- [TASK TO CARRY OUT] Every line in the listing below that holds the word "under" should be returned.

- [RECORDS FOR THIS EXERCISE]
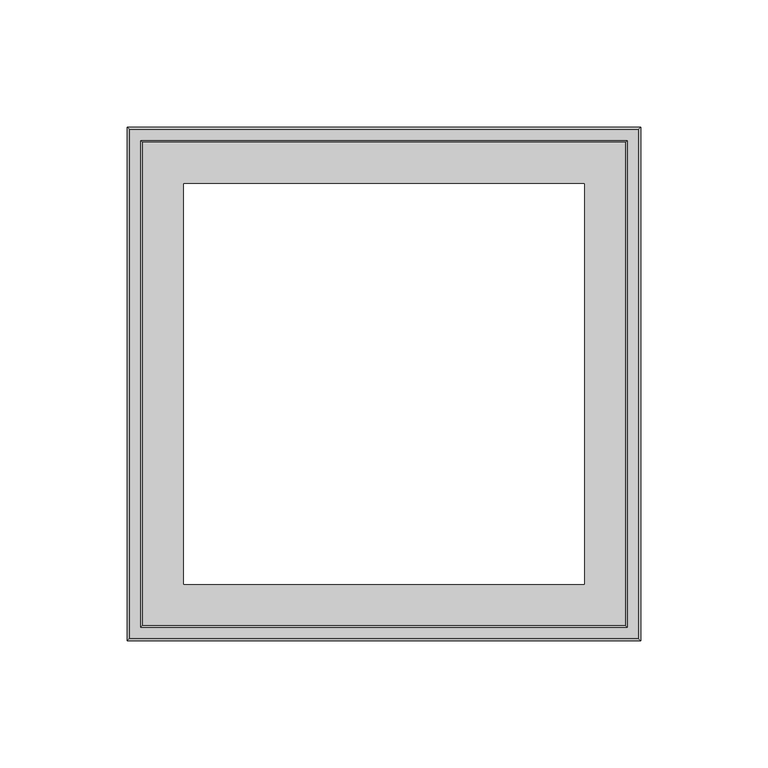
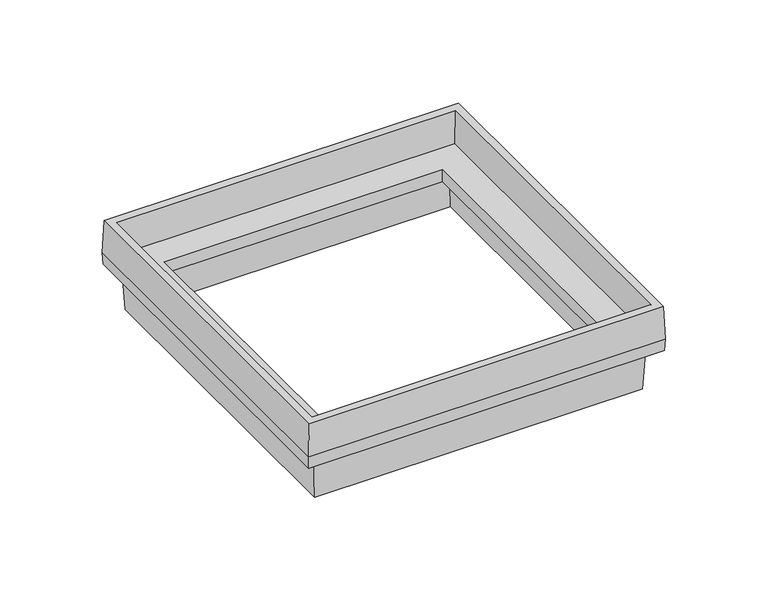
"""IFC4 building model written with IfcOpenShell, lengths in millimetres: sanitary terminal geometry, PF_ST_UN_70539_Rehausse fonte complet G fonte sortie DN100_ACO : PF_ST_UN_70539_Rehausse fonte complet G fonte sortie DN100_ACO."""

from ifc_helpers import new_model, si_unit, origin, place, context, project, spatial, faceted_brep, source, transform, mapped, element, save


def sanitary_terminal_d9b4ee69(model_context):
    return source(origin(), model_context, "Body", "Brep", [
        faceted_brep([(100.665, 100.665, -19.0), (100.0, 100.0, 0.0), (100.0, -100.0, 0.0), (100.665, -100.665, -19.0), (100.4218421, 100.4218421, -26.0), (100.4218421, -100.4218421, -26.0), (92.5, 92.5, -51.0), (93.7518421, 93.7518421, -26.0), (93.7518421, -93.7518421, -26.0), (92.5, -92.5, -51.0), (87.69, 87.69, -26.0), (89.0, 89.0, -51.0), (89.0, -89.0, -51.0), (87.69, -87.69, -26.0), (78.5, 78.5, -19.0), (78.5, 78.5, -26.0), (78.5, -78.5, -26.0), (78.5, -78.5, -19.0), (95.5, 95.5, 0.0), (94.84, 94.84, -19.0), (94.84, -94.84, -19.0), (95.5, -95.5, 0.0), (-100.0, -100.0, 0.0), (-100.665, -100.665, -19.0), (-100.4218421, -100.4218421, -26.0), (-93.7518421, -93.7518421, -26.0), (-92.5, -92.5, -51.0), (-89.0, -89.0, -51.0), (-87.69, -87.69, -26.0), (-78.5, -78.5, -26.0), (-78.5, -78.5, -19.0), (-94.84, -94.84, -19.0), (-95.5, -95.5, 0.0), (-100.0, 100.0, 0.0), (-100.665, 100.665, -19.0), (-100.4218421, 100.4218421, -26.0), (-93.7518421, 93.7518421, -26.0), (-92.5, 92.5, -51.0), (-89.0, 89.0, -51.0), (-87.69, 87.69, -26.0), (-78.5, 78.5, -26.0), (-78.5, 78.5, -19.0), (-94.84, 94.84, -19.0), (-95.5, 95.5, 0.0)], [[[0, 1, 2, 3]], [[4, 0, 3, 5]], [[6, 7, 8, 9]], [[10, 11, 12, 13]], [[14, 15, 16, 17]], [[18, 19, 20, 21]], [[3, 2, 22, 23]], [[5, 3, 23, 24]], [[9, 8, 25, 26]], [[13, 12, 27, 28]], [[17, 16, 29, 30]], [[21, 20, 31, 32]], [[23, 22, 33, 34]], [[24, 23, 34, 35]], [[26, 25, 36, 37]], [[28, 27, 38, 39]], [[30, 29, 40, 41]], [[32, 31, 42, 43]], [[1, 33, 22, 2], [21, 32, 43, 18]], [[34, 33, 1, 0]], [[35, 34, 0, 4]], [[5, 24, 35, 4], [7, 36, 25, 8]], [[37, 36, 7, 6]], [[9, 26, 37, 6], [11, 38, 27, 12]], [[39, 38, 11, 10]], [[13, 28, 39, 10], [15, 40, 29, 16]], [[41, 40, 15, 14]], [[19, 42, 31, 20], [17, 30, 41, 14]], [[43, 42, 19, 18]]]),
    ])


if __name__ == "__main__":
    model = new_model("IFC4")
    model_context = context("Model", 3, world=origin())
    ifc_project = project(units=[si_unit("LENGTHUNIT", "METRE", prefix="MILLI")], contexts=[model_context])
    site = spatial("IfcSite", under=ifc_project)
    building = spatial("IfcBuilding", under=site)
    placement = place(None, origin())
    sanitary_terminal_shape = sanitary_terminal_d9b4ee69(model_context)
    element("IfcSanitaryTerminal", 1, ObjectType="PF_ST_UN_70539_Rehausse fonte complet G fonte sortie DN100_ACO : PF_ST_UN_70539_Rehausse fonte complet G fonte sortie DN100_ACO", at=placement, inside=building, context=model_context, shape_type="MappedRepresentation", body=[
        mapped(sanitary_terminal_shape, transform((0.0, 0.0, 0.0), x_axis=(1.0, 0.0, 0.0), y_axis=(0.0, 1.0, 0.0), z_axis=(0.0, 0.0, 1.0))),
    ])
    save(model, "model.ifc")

- [RESULT FOR THIS EXERCISE]
    site = spatial("IfcSite", under=ifc_project)
    building = spatial("IfcBuilding", under=site)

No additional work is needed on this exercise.